## Task item:
All lines in the material below that contain "drawing" should be located and copied.

************

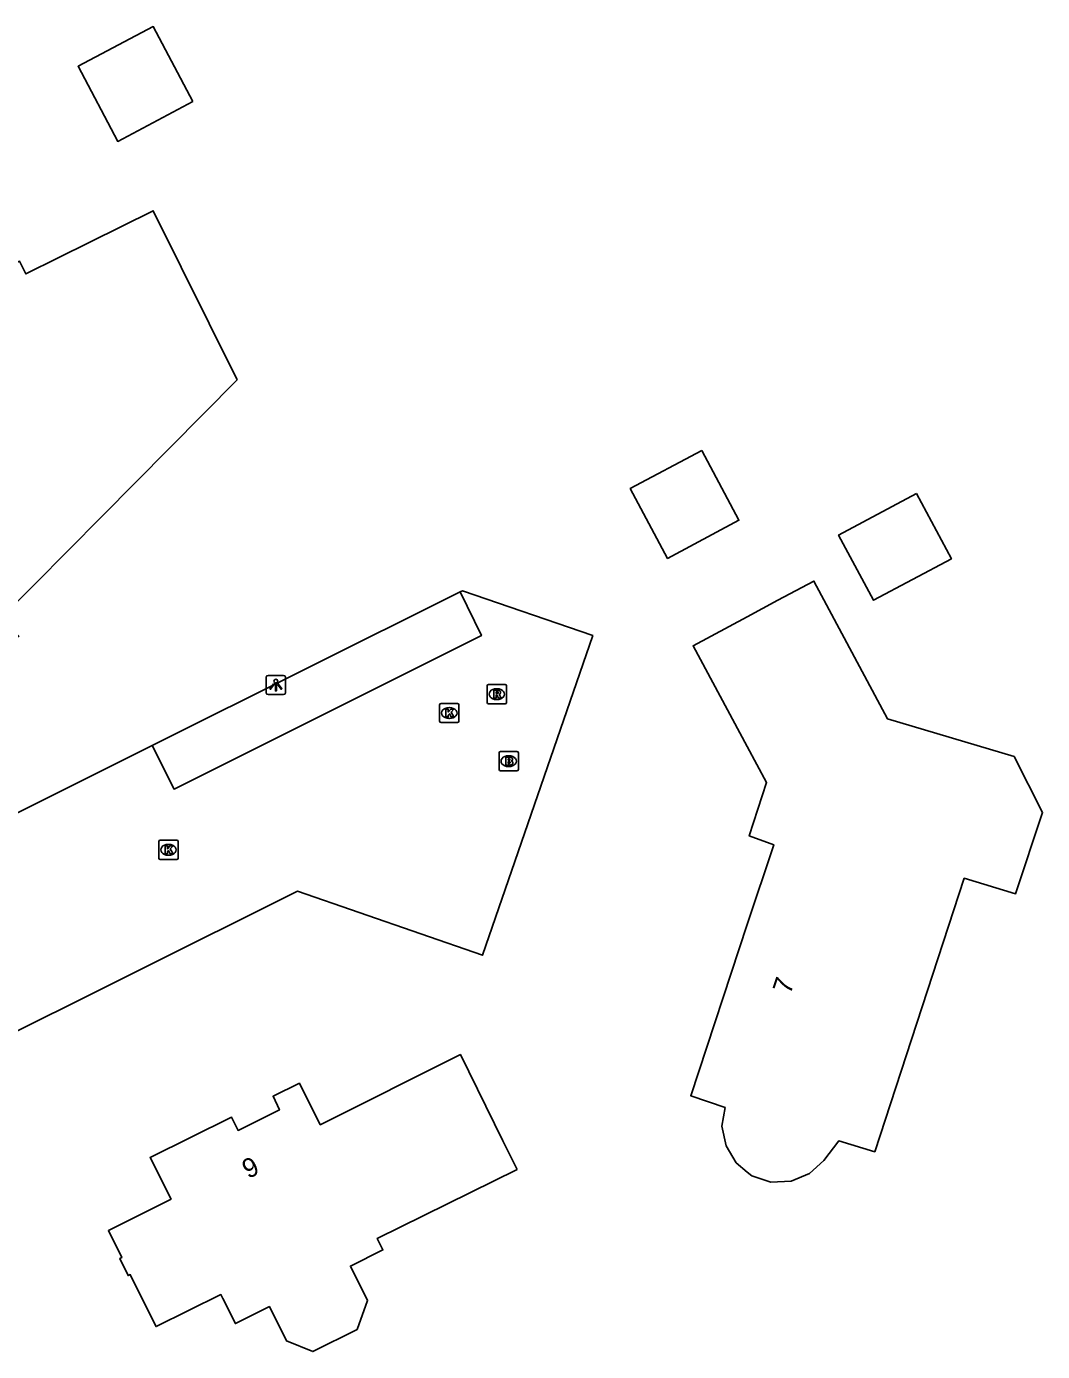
# Model space of a CAD drawing. Extents: x 157321 to 158827, y 386650 to 388532.
# Drawn here: x 158462.5 to 158515.3, y 387069.6 to 387138.5 of the extents above; entities that cross this region are included whole.
import ezdxf

# ---------------------------------------------------------------- set-up
doc = ezdxf.new("R2010")
doc.units = 0
for name, color, linetype in [('IMGEO_Brandkraan', 7, 'Continuous'), ('IMGEO_Kolk', 7, 'Continuous'), ('IMGEO_Lichtpunt', 7, 'Continuous'), ('IMGEO_Pand', 7, 'Continuous'), ('IMGEO_Pand_nummerreeks', 7, 'Continuous'), ('IMGEO_Parkeervlak_open', 7, 'Continuous'), ('IMGEO_Rijbaan_lokaal_open', 7, 'Continuous'), ('IMGEO_Rioolput', 7, 'Continuous')]:
    doc.layers.add(name, color=color, linetype=linetype)

msp = doc.modelspace()

# ---------------------------------------------------------------- linework, layer by layer
at = {"layer": 'IMGEO_Brandkraan'}
for p, q in [((158487.093, 387099.834), (158487.093, 387100.686)), ((158487.168, 387100.76), (158488.02, 387100.76)), ((158487.581, 387100.54), (158487.606, 387100.54)), ((158488.094, 387100.686), (158488.094, 387099.834)), ((158488.02, 387099.76), (158487.168, 387099.76)), ((158487.604, 387099.98), (158487.579, 387099.98))]:
    msp.add_line(p, q, dxfattribs=at)
for points in [[(158487.093, 387099.834), (158487.093, 387100.686)], [(158487.168, 387100.76), (158488.02, 387100.76)], [(158487.441, 387100.46), (158487.441, 387100.06), (158487.654, 387100.06)], [(158487.672, 387100.46), (158487.441, 387100.46)], [(158487.62, 387100.379), (158487.566, 387100.379), (158487.566, 387100.303)], [(158487.566, 387100.303), (158487.619, 387100.303)], [(158487.628, 387100.227), (158487.566, 387100.227), (158487.566, 387100.146)], [(158487.566, 387100.146), (158487.628, 387100.146)], [(158488.094, 387100.686), (158488.094, 387099.834)], [(158488.02, 387099.76), (158487.168, 387099.76)]]:
    msp.add_lwpolyline(points, dxfattribs=at)
for centre, radius, start, end in [((158487.17, 387100.684), 0.0765, 91.55205, 178.44795), ((158487.17, 387100.684), 0.0765, 91.55205, 178.44795), ((158487.621, 387100.341), 0.0379, 267.82845, 90.93552), ((158487.629, 387100.186), 0.0404, 269.87594, 90.50774), ((158487.676, 387100.315), 0.145, 59.4692, 91.53667), ((158487.701, 387100.362), 0.0922, 285.51372, 58.15012), ((158487.706, 387100.17), 0.105, 301.31148, 78.98903), ((158488.018, 387100.684), 0.0765, 1.55205, 88.44795), ((158488.018, 387100.684), 0.0765, 1.55205, 88.44795), ((158487.17, 387099.836), 0.0765, 181.55205, 268.44795), ((158487.17, 387099.836), 0.0765, 181.55205, 268.44795), ((158487.66, 387100.311), 0.251, 268.66757, 293.53466), ((158488.018, 387099.836), 0.0765, 271.55205, 358.44795), ((158488.018, 387099.836), 0.0765, 271.55205, 358.44795)]:
    msp.add_arc(centre, radius, start, end, dxfattribs=at)
for centre, major_axis, ratio, start_param, end_param in [((158487.58, 387100.26), (-0.387, 0.002), 0.722429, 4.712389, 7.853982), ((158487.605, 387100.26), (-0.39, 0.002), 0.717154, 1.570796, 4.712389)]:
    msp.add_ellipse(centre, major_axis=major_axis, ratio=ratio, start_param=start_param, end_param=end_param, dxfattribs=at)
at = {"layer": 'IMGEO_Kolk'}
for p, q in [((158484.003, 387102.336), (158484.003, 387103.188)), ((158484.078, 387103.262), (158484.93, 387103.262)), ((158484.491, 387103.042), (158484.516, 387103.042)), ((158485.004, 387103.188), (158485.004, 387102.336)), ((158484.93, 387102.262), (158484.078, 387102.262)), ((158484.514, 387102.482), (158484.489, 387102.482)), ((158469.403, 387095.224), (158469.403, 387096.076)), ((158469.478, 387096.15), (158470.33, 387096.15)), ((158470.404, 387096.076), (158470.404, 387095.224)), ((158469.914, 387095.37), (158469.889, 387095.37)), ((158469.891, 387095.93), (158469.916, 387095.93)), ((158470.33, 387095.15), (158469.478, 387095.15))]:
    msp.add_line(p, q, dxfattribs=at)
for points in [[(158484.003, 387102.336), (158484.003, 387103.188)], [(158484.078, 387103.262), (158484.93, 387103.262)], [(158484.324, 387102.962), (158484.447, 387102.962), (158484.447, 387102.811), (158484.577, 387102.962), (158484.741, 387102.962), (158484.595, 387102.811), (158484.748, 387102.562), (158484.596, 387102.562), (158484.511, 387102.726), (158484.447, 387102.659), (158484.447, 387102.562), (158484.324, 387102.562), (158484.324, 387102.962)], [(158485.004, 387103.188), (158485.004, 387102.336)], [(158484.93, 387102.262), (158484.078, 387102.262)], [(158469.403, 387095.224), (158469.403, 387096.076)], [(158469.478, 387096.15), (158470.33, 387096.15)], [(158470.404, 387096.076), (158470.404, 387095.224)], [(158469.724, 387095.85), (158469.847, 387095.85), (158469.847, 387095.699), (158469.977, 387095.85), (158470.141, 387095.85), (158469.995, 387095.699), (158470.148, 387095.45), (158469.996, 387095.45), (158469.911, 387095.614), (158469.847, 387095.547), (158469.847, 387095.45), (158469.724, 387095.45), (158469.724, 387095.85)], [(158470.33, 387095.15), (158469.478, 387095.15)]]:
    msp.add_lwpolyline(points, dxfattribs=at)
for centre, start, end in [((158484.08, 387103.186), 91.55205, 178.44795), ((158484.08, 387103.186), 91.55205, 178.44795), ((158484.928, 387103.186), 1.55205, 88.44795), ((158484.928, 387103.186), 1.55205, 88.44795), ((158484.08, 387102.338), 181.55205, 268.44795), ((158484.08, 387102.338), 181.55205, 268.44795), ((158484.928, 387102.338), 271.55205, 358.44795), ((158484.928, 387102.338), 271.55205, 358.44795), ((158469.48, 387096.074), 91.55205, 178.44795), ((158469.48, 387096.074), 91.55205, 178.44795), ((158470.328, 387096.074), 1.55205, 88.44795), ((158470.328, 387096.074), 1.55205, 88.44795), ((158469.48, 387095.226), 181.55205, 268.44795), ((158469.48, 387095.226), 181.55205, 268.44795), ((158470.328, 387095.226), 271.55205, 358.44795), ((158470.328, 387095.226), 271.55205, 358.44795)]:
    msp.add_arc(centre, 0.0765, start, end, dxfattribs=at)
for centre, major_axis, ratio, start_param, end_param in [((158484.49, 387102.762), (-0.387, 0.002), 0.722429, 4.712389, 7.853982), ((158484.515, 387102.762), (-0.39, 0.002), 0.717154, 1.570796, 4.712389), ((158469.89, 387095.65), (-0.387, 0.002), 0.722429, 4.712389, 7.853982), ((158469.915, 387095.65), (-0.39, 0.002), 0.717154, 1.570796, 4.712389)]:
    msp.add_ellipse(centre, major_axis=major_axis, ratio=ratio, start_param=start_param, end_param=end_param, dxfattribs=at)
at = {"layer": 'IMGEO_Lichtpunt'}
for p, q in [((158474.989, 387104.621), (158474.989, 387103.814)), ((158474.989, 387104.621), (158474.989, 387103.814)), ((158475.891, 387104.716), (158475.083, 387104.716)), ((158475.891, 387104.716), (158475.083, 387104.716)), ((158475.985, 387103.814), (158475.985, 387104.621)), ((158475.985, 387103.814), (158475.985, 387104.621)), ((158475.083, 387103.72), (158475.891, 387103.72)), ((158475.083, 387103.72), (158475.891, 387103.72))]:
    msp.add_line(p, q, dxfattribs=at)
for points in [[(158475.363, 387104.285), (158475.402, 387104.257), (158475.214, 387103.995), (158475.176, 387104.022), (158475.363, 387104.285)], [(158475.465, 387104.237), (158475.512, 387104.237), (158475.512, 387103.915), (158475.465, 387103.915), (158475.465, 387104.237)], [(158475.575, 387104.257), (158475.613, 387104.284), (158475.8, 387104.022), (158475.761, 387103.994), (158475.575, 387104.257)]]:
    msp.add_lwpolyline(points, dxfattribs=at)
msp.add_circle((158475.488, 387104.419), 0.0994, dxfattribs=at)
for centre, start, end in [((158475.083, 387104.621), 90, 180), ((158475.083, 387104.621), 90, 180), ((158475.891, 387104.621), 0, 90), ((158475.891, 387104.621), 0, 90), ((158475.083, 387103.814), 180, 270), ((158475.083, 387103.814), 180, 270), ((158475.891, 387103.814), 270, 0), ((158475.891, 387103.814), 270, 360)]:
    msp.add_arc(centre, 0.0946, start, end, dxfattribs=at)
at = {"layer": 'IMGEO_Pand'}
for points in [[(158471.174, 387134.546), (158469.11, 387138.451), (158465.2, 387136.385), (158467.263, 387132.48), (158471.174, 387134.546)], [(158473.477, 387120.087), (158466.444, 387112.979), (158461.193, 387107.672), (158462.126, 387106.749), (158458.832, 387103.477), (158456.154, 387106.164), (158455.304, 387105.317), (158453.663, 387108.666), (158450.246, 387112.095), (158451.39, 387113.273), (158451.649, 387113.54), (158454.038, 387114.72), (158450.648, 387121.388), (158455.126, 387123.613), (158456.694, 387124.392), (158457.034, 387123.708), (158462.155, 387126.252), (158462.486, 387125.585), (158464.166, 387126.42), (158469.108, 387128.876), (158473.477, 387120.087)], [(158497.628, 387116.411), (158493.917, 387114.426), (158495.857, 387110.8), (158499.567, 387112.784), (158497.628, 387116.411)], [(158508.796, 387114.174), (158504.749, 387112.009), (158506.561, 387108.622), (158510.608, 387110.786), (158508.796, 387114.174)], [(158501.59, 387108.621), (158503.461, 387109.622), (158507.293, 387102.456), (158513.87, 387100.501), (158515.348, 387097.596), (158513.949, 387093.363), (158511.281, 387094.171), (158506.625, 387079.956), (158504.764, 387080.523), (158503.981, 387079.508), (158503.232, 387078.823), (158502.277, 387078.429), (158501.222, 387078.374), (158500.229, 387078.704), (158500, 387078.898), (158499.425, 387079.384), (158498.899, 387080.27), (158498.679, 387081.286), (158498.846, 387082.252), (158497.055, 387082.862), (158500, 387091.767), (158501.371, 387095.913), (158500.096, 387096.371), (158501.003, 387099.147), (158500, 387101.014), (158497.18, 387106.263), (158500, 387107.771), (158501.59, 387108.621)], [(158488.027, 387079.025), (158480.759, 387075.451), (158481.053, 387074.854), (158479.362, 387074.015), (158480.257, 387072.23), (158479.707, 387070.721), (158477.409, 387069.571), (158476.037, 387070.132), (158475.149, 387071.903), (158473.384, 387071.018), (158472.736, 387072.326), (158472.633, 387072.534), (158469.259, 387070.863), (158469.003, 387071.38), (158467.918, 387073.571), (158467.804, 387073.514), (158467.373, 387074.401), (158467.478, 387074.458), (158466.784, 387075.86), (158470.035, 387077.492), (158468.95, 387079.653), (158473.174, 387081.756), (158473.519, 387081.062), (158475.674, 387082.128), (158475.345, 387082.838), (158476.714, 387083.52), (158477.798, 387081.356), (158485.085, 387085.008), (158487.291, 387080.522), (158488.027, 387079.025)]]:
    msp.add_lwpolyline(points, dxfattribs=at)
at = {"layer": 'IMGEO_Parkeervlak_open'}
msp.add_lwpolyline([(158469.058, 387101.072), (158485.075, 387109.063)], dxfattribs=at)
at = {"layer": 'IMGEO_Rijbaan_lokaal_open'}
for points in [[(158485.075, 387109.063), (158485.194, 387109.122), (158491.963, 387106.79), (158486.225, 387090.168), (158476.616, 387093.495), (158459.721, 387085.078), (158447.45, 387078.94)], [(158485.075, 387109.063), (158486.174, 387106.792), (158470.191, 387098.807), (158469.058, 387101.072)], [(158449.333, 387091.231), (158469.058, 387101.072)]]:
    msp.add_lwpolyline(points, dxfattribs=at)
at = {"layer": 'IMGEO_Rioolput'}
for p, q in [((158486.55, 387104.243), (158487.402, 387104.243)), ((158486.475, 387103.317), (158486.475, 387104.169)), ((158486.963, 387104.023), (158486.988, 387104.023)), ((158487.476, 387104.169), (158487.476, 387103.317)), ((158487.402, 387103.243), (158486.55, 387103.243)), ((158486.986, 387103.463), (158486.961, 387103.463))]:
    msp.add_line(p, q, dxfattribs=at)
for points in [[(158486.55, 387104.243), (158487.402, 387104.243)], [(158486.475, 387103.317), (158486.475, 387104.169)], [(158487.064, 387103.941), (158486.812, 387103.943), (158486.812, 387103.543)], [(158486.812, 387103.543), (158486.936, 387103.543), (158486.936, 387103.705), (158486.947, 387103.705)], [(158486.99, 387103.862), (158486.936, 387103.862), (158486.936, 387103.781)], [(158486.936, 387103.781), (158486.988, 387103.781)], [(158486.994, 387103.676), (158487.065, 387103.543), (158487.205, 387103.543), (158487.14, 387103.669)], [(158487.476, 387104.169), (158487.476, 387103.317)], [(158487.402, 387103.243), (158486.55, 387103.243)]]:
    msp.add_lwpolyline(points, dxfattribs=at)
for centre, radius, start, end in [((158486.552, 387104.167), 0.0765, 91.55205, 178.44795), ((158486.552, 387104.167), 0.0765, 91.55205, 178.44795), ((158487.4, 387104.167), 0.0765, 1.55205, 88.44795), ((158487.4, 387104.167), 0.0765, 1.55205, 88.44795), ((158486.946, 387103.652), 0.0533, 26.02933, 88.69889), ((158486.972, 387103.97), 0.19, 274.7715, 282.96867), ((158486.996, 387103.766), 0.0964, 77.00612, 93.18647), ((158487.01, 387103.823), 0.0378, 276.66336, 79.67722), ((158487.063, 387103.831), 0.109, 350.36119, 89.41601), ((158487.061, 387103.831), 0.112, 277.58423, 350.98172), ((158487.045, 387103.616), 0.108, 29.51342, 73.79051), ((158486.552, 387103.319), 0.0765, 181.55205, 268.44795), ((158486.552, 387103.319), 0.0765, 181.55205, 268.44795), ((158487.4, 387103.319), 0.0765, 271.55205, 358.44795), ((158487.4, 387103.319), 0.0765, 271.55205, 358.44795)]:
    msp.add_arc(centre, radius, start, end, dxfattribs=at)
for centre, major_axis, ratio, start_param, end_param in [((158486.962, 387103.743), (-0.387, 0.002), 0.722429, 4.712389, 7.853982), ((158486.987, 387103.743), (-0.39, 0.002), 0.717154, 1.570796, 4.712389)]:
    msp.add_ellipse(centre, major_axis=major_axis, ratio=ratio, start_param=start_param, end_param=end_param, dxfattribs=at)

# ---------------------------------------------------------------- texts
at = {"layer": 'IMGEO_Pand_nummerreeks'}
for s, rotation, p in [('7', 71.70081, (158502.24, 387088.097)), ('9', 26.47638, (158474.049, 387078.528))]:
    msp.add_text(s, height=1, rotation=rotation, dxfattribs=at).set_placement(p)

doc.saveas('drawing.dxf')

************

## Expected answer:
# Model space of a CAD drawing. Extents: x 157321 to 158827, y 386650 to 388532.
doc.saveas('drawing.dxf')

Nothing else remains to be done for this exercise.